[The records]

═══

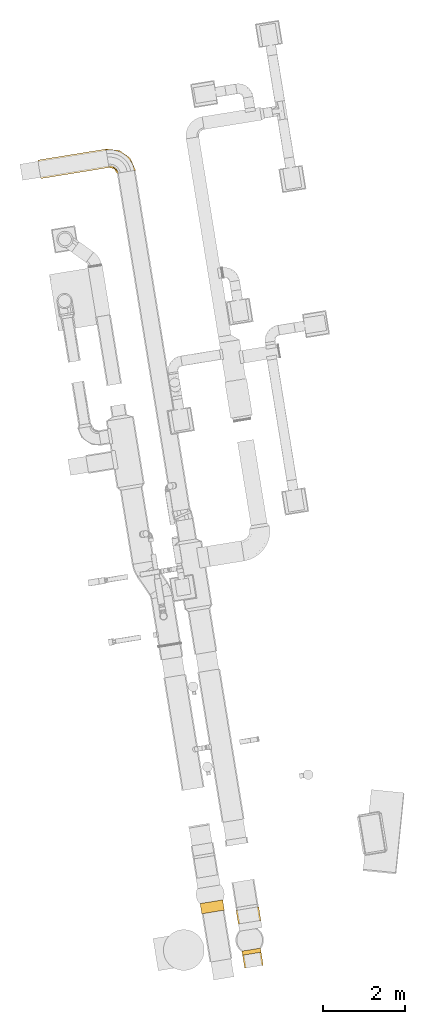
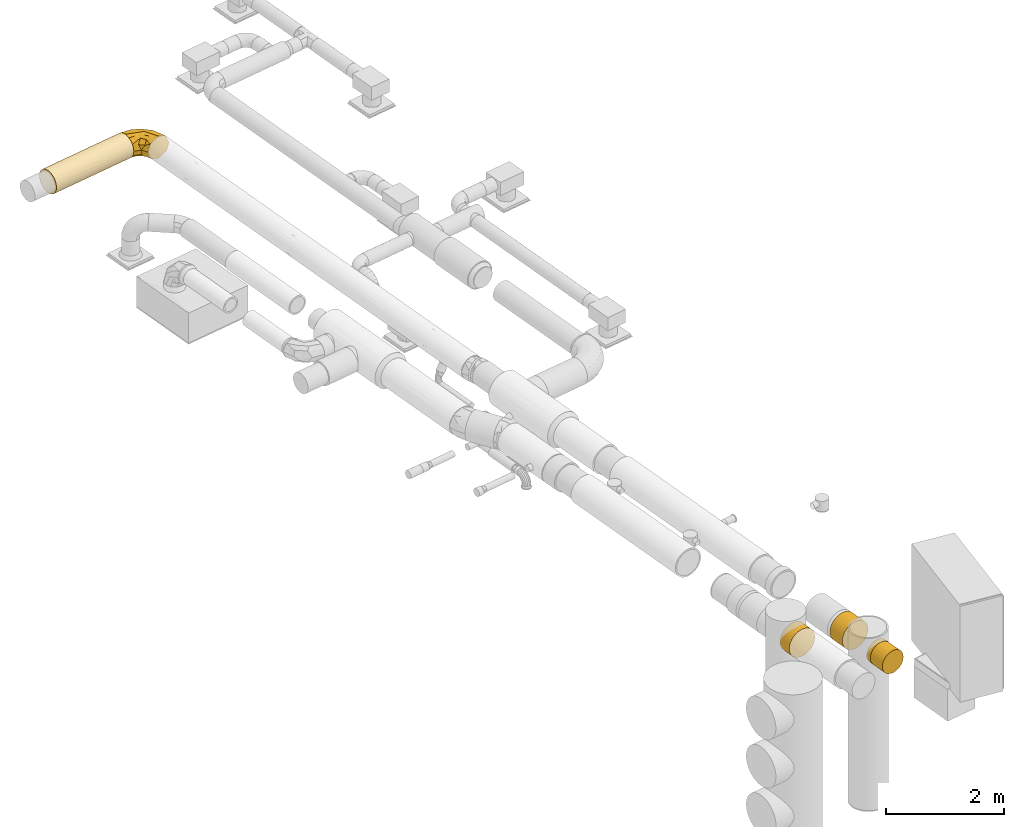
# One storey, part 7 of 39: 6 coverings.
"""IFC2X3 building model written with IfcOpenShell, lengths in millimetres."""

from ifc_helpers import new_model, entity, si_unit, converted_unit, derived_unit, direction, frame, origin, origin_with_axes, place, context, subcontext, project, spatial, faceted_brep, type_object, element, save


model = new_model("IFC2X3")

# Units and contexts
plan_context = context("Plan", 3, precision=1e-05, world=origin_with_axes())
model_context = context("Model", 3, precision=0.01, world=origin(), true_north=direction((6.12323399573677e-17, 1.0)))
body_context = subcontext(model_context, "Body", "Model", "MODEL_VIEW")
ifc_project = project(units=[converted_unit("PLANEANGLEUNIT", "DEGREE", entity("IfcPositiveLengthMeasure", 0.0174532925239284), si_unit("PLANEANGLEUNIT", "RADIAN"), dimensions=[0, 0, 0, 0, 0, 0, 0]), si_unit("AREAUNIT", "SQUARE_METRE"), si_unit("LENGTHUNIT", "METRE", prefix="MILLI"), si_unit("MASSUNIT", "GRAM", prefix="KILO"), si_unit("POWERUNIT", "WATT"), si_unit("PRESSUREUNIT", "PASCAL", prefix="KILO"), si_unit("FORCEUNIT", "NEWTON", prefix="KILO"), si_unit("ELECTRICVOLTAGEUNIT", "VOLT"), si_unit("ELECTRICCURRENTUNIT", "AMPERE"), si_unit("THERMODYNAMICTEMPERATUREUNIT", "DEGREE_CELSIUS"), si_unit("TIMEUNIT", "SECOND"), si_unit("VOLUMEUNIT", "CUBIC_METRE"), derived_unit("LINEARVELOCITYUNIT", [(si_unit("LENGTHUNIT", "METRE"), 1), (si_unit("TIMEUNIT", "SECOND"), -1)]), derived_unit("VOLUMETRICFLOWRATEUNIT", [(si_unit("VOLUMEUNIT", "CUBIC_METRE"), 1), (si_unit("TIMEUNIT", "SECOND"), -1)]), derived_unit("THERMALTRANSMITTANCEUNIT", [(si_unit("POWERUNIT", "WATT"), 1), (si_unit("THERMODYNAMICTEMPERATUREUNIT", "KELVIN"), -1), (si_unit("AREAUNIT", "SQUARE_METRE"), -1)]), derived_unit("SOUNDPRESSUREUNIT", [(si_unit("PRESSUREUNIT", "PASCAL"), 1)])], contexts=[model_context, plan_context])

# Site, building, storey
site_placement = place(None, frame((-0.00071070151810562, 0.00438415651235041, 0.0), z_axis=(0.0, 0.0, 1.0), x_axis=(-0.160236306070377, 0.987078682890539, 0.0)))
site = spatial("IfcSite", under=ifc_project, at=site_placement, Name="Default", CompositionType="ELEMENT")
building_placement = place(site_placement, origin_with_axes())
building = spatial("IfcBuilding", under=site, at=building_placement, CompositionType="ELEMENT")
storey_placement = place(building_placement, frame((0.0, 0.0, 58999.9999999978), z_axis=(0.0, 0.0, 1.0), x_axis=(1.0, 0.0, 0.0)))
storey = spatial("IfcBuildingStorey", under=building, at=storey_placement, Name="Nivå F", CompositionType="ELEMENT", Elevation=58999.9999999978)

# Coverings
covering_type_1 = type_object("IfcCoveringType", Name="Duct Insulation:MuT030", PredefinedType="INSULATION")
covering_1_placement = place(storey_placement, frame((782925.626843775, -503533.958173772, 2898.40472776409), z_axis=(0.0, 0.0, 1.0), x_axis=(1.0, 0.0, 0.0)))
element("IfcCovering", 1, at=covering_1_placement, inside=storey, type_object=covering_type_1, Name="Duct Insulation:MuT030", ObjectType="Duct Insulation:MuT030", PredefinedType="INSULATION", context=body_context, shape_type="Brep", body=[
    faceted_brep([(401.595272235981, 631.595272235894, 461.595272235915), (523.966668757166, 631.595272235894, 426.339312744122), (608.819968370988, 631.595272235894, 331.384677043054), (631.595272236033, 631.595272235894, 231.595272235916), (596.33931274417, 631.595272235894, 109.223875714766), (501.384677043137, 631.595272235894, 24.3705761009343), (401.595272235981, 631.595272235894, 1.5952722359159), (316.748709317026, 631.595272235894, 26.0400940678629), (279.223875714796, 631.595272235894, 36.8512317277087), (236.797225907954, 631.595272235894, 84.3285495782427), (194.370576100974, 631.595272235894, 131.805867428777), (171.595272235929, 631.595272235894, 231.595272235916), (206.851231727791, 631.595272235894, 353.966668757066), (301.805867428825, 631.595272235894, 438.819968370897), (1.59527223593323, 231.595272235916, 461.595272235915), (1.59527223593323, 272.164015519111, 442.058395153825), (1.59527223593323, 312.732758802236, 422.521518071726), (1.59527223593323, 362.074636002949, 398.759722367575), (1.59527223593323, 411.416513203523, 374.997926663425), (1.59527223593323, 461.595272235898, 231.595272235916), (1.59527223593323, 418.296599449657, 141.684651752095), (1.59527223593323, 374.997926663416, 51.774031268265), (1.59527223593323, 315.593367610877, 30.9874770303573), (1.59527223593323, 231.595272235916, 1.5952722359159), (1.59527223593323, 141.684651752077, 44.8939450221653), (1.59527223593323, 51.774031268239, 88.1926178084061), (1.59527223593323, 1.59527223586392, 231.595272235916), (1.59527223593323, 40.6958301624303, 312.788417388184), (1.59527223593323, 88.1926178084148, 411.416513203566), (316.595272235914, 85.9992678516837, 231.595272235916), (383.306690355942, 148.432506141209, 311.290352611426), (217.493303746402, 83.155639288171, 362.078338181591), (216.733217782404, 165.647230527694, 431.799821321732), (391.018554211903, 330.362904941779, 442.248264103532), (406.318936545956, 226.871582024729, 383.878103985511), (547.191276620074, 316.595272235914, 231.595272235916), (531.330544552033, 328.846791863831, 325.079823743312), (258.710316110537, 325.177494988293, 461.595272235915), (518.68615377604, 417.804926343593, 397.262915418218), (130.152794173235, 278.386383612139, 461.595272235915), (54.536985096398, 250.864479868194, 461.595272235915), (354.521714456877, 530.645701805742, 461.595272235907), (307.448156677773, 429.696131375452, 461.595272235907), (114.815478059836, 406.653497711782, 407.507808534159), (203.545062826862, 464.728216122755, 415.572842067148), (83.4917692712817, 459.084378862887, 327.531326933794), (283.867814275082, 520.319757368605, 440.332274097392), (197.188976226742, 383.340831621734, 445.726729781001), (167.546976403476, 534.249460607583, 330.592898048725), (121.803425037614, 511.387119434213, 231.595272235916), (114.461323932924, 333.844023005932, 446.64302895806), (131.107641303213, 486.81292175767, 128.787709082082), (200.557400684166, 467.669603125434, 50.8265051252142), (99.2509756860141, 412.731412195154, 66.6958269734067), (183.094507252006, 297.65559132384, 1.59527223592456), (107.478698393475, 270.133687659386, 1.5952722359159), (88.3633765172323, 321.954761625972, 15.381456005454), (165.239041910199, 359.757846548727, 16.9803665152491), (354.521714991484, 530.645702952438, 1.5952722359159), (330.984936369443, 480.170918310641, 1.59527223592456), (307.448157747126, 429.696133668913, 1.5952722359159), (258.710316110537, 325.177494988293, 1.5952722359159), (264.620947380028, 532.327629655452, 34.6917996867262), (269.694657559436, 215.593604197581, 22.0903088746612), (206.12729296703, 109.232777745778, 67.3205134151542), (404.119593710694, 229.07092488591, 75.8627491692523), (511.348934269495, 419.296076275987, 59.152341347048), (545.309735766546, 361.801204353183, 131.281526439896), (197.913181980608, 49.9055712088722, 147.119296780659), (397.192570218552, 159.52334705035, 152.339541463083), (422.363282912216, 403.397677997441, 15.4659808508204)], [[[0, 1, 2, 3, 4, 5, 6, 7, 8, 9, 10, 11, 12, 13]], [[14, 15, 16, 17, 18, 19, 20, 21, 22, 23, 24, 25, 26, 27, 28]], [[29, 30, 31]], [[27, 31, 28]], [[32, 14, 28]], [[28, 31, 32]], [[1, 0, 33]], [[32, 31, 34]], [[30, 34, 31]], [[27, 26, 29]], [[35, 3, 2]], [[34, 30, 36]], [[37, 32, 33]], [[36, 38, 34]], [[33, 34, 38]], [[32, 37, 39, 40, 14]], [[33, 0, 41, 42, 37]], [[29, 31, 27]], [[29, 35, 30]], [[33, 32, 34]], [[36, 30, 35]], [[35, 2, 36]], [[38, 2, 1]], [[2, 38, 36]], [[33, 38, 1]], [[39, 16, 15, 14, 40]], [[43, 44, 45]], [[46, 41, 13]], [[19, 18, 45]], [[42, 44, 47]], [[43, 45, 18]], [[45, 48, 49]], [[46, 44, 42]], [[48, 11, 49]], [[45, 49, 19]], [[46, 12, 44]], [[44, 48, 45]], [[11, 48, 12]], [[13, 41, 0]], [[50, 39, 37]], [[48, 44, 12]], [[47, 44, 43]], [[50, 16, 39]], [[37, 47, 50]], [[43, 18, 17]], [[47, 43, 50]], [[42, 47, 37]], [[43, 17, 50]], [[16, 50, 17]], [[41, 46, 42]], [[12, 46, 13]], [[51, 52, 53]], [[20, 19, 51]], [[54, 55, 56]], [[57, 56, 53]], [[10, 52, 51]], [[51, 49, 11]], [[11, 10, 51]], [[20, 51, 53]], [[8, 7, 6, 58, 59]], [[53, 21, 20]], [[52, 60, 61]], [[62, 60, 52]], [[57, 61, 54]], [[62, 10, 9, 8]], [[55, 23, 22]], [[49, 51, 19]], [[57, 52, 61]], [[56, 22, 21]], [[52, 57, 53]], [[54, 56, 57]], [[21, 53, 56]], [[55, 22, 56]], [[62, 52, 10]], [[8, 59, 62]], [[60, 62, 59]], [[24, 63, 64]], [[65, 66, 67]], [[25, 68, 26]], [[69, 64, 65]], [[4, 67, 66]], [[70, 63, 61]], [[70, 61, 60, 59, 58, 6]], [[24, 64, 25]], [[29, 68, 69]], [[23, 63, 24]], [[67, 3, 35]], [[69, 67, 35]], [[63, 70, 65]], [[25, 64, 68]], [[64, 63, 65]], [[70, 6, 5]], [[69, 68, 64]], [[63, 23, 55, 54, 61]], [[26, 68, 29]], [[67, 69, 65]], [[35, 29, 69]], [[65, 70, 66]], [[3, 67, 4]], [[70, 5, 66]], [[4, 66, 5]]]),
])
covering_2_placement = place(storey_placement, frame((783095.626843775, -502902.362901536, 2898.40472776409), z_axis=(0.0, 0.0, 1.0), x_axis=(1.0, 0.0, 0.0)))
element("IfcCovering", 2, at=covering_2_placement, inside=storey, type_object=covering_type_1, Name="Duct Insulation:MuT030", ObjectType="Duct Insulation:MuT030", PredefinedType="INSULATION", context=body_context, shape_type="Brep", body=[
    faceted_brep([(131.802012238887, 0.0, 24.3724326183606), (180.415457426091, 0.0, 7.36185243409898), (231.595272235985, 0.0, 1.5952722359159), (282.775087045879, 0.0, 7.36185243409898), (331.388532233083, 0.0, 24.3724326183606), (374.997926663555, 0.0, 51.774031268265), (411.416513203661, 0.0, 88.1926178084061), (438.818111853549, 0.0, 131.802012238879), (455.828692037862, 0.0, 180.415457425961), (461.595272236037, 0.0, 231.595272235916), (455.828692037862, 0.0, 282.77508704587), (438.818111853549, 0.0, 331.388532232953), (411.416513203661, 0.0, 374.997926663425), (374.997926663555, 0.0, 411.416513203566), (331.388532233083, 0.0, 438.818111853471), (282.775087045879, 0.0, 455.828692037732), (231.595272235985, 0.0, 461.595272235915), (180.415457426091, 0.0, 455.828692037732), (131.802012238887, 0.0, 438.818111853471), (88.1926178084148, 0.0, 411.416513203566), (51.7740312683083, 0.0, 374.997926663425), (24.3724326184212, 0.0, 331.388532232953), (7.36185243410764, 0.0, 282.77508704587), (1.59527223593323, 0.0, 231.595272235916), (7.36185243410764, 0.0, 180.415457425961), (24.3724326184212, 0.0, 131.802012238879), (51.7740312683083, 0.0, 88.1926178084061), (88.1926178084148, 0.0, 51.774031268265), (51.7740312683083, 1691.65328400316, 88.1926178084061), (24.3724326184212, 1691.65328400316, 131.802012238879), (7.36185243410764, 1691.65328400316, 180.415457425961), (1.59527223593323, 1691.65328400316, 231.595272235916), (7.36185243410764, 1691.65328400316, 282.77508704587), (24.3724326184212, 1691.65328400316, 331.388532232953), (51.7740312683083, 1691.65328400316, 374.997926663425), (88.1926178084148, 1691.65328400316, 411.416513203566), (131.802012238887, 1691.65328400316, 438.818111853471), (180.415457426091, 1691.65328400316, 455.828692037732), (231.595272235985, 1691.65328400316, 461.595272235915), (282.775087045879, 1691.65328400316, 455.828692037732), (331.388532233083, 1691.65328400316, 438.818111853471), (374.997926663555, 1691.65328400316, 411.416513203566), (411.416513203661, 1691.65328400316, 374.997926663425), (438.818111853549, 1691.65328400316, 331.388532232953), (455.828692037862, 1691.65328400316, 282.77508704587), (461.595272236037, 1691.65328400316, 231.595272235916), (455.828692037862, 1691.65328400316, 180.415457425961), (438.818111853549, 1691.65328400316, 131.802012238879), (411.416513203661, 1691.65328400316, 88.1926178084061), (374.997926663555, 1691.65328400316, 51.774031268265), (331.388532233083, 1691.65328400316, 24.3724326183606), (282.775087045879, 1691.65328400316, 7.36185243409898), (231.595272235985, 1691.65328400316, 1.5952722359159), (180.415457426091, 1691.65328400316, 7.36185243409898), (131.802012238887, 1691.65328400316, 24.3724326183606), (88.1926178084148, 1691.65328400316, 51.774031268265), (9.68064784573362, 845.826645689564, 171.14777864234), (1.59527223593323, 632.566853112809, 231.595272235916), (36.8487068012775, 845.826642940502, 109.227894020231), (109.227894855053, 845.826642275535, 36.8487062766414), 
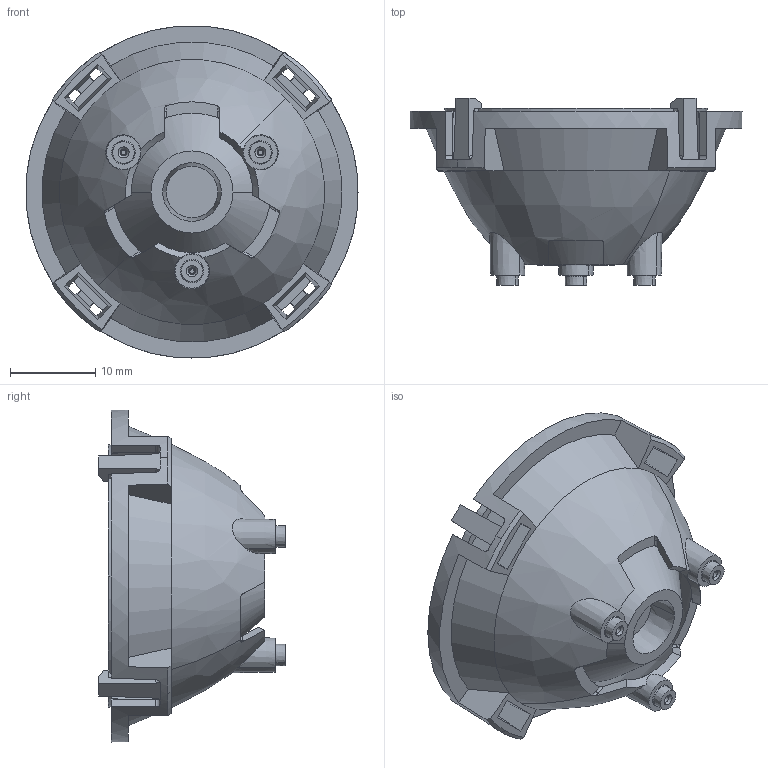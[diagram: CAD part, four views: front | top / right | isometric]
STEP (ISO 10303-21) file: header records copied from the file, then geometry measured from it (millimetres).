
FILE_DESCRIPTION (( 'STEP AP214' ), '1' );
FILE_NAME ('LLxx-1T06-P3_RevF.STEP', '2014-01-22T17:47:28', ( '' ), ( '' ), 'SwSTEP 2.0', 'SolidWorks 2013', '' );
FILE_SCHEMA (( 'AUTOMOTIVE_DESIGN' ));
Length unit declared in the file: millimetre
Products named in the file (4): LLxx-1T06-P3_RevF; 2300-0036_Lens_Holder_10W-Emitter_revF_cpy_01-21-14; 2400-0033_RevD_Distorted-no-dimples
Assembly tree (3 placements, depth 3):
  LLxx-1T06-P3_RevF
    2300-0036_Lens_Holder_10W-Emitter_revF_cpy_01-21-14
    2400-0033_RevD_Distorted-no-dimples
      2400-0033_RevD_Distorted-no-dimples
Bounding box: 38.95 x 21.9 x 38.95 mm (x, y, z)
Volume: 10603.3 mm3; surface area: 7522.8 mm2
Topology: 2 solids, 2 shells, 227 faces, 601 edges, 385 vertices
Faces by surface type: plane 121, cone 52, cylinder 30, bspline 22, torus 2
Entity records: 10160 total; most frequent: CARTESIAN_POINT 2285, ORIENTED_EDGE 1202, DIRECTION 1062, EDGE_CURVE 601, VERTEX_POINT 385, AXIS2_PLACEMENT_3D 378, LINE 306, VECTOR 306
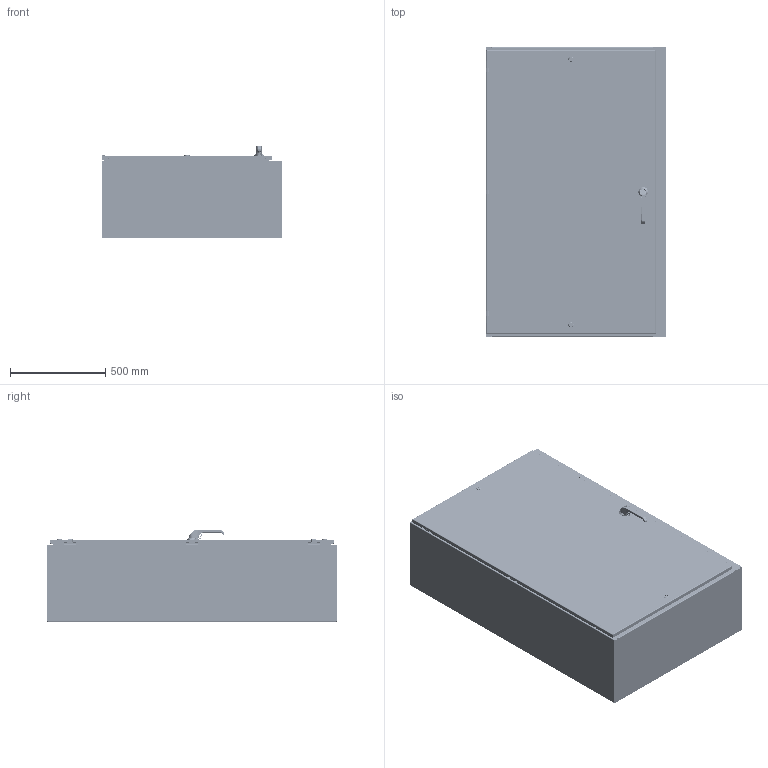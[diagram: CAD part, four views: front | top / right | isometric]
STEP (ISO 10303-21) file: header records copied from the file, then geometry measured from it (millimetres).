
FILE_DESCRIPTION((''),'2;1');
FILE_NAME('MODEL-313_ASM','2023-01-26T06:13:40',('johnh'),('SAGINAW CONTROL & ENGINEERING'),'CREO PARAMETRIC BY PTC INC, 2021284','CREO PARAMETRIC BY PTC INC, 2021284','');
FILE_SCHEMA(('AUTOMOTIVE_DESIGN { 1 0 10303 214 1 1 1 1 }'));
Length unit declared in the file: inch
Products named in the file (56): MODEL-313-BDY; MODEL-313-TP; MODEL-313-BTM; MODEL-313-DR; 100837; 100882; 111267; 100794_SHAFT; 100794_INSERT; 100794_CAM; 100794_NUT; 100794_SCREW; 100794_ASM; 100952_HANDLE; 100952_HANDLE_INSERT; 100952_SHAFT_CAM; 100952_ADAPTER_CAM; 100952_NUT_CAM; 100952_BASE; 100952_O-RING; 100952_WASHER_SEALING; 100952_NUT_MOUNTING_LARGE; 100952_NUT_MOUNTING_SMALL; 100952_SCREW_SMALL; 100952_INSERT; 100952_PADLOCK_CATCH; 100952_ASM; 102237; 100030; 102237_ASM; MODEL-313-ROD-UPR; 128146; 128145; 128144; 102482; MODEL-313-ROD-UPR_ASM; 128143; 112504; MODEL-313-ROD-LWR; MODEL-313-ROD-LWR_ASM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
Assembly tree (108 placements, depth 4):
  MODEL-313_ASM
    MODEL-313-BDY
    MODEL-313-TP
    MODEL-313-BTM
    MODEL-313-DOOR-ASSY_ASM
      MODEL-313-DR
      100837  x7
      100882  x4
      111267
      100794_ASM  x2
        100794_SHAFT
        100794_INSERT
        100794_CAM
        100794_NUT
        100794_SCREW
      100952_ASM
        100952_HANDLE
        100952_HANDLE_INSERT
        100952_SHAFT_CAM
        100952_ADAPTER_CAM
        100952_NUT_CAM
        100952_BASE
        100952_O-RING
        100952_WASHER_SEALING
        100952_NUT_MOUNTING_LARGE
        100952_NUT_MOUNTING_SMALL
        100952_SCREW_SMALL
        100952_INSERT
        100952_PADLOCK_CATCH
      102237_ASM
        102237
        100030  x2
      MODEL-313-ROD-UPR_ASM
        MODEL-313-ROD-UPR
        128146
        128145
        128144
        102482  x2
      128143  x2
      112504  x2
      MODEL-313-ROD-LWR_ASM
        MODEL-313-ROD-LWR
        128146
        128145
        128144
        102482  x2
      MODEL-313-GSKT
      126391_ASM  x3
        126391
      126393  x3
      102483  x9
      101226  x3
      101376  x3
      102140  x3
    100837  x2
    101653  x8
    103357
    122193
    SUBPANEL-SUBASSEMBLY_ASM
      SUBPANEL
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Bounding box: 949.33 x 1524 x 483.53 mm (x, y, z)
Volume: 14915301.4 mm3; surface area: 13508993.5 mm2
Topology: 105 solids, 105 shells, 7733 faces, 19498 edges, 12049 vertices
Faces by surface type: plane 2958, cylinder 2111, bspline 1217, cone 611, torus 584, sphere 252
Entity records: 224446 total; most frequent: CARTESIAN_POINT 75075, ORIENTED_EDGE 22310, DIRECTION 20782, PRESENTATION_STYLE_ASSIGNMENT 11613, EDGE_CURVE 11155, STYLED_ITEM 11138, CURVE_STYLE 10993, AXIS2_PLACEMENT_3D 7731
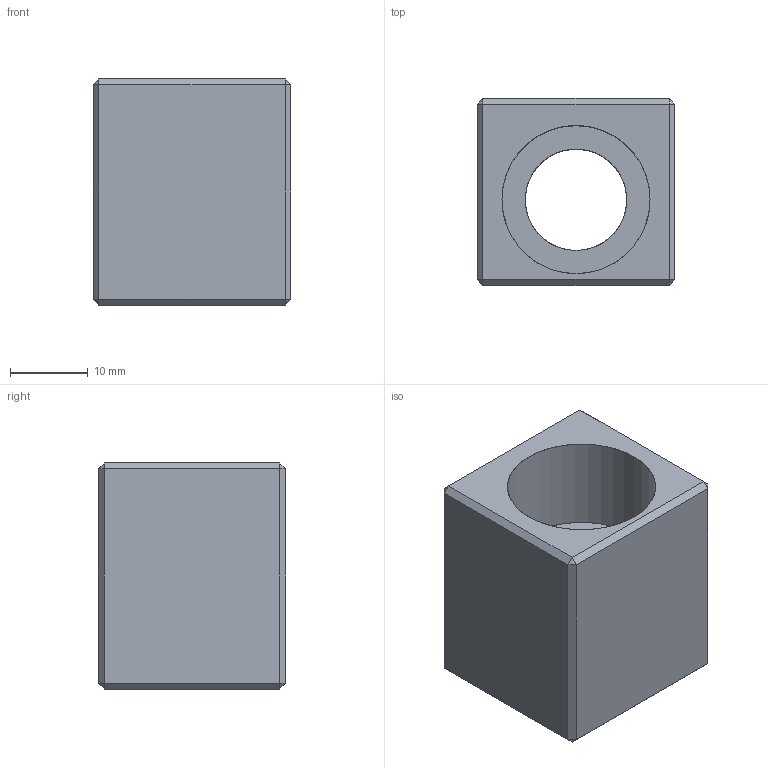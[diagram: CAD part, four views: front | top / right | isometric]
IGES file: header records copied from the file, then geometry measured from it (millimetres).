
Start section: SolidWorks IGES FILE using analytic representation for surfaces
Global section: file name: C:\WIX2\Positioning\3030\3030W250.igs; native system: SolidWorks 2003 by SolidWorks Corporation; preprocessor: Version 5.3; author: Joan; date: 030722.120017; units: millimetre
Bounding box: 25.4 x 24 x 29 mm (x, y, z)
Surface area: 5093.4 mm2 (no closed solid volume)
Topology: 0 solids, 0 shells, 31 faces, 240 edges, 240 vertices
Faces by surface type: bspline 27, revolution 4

═══

[Description of the task]
The lines to reproduce run from the one containing "IGES file: header" to the last line of the listing; print them exactly, including both ends.

[Solution to the exercise]
IGES file: header records copied from the file, then geometry measured from it (millimetres).
Start section: SolidWorks IGES FILE using analytic representation for surfaces
Global section: file name: C:\WIX2\Positioning\3030\3030W250.igs; native system: SolidWorks 2003 by SolidWorks Corporation; preprocessor: Version 5.3; author: Joan; date: 030722.120017; units: millimetre
Bounding box: 25.4 x 24 x 29 mm (x, y, z)
Surface area: 5093.4 mm2 (no closed solid volume)
Topology: 0 solids, 0 shells, 31 faces, 240 edges, 240 vertices
Faces by surface type: bspline 27, revolution 4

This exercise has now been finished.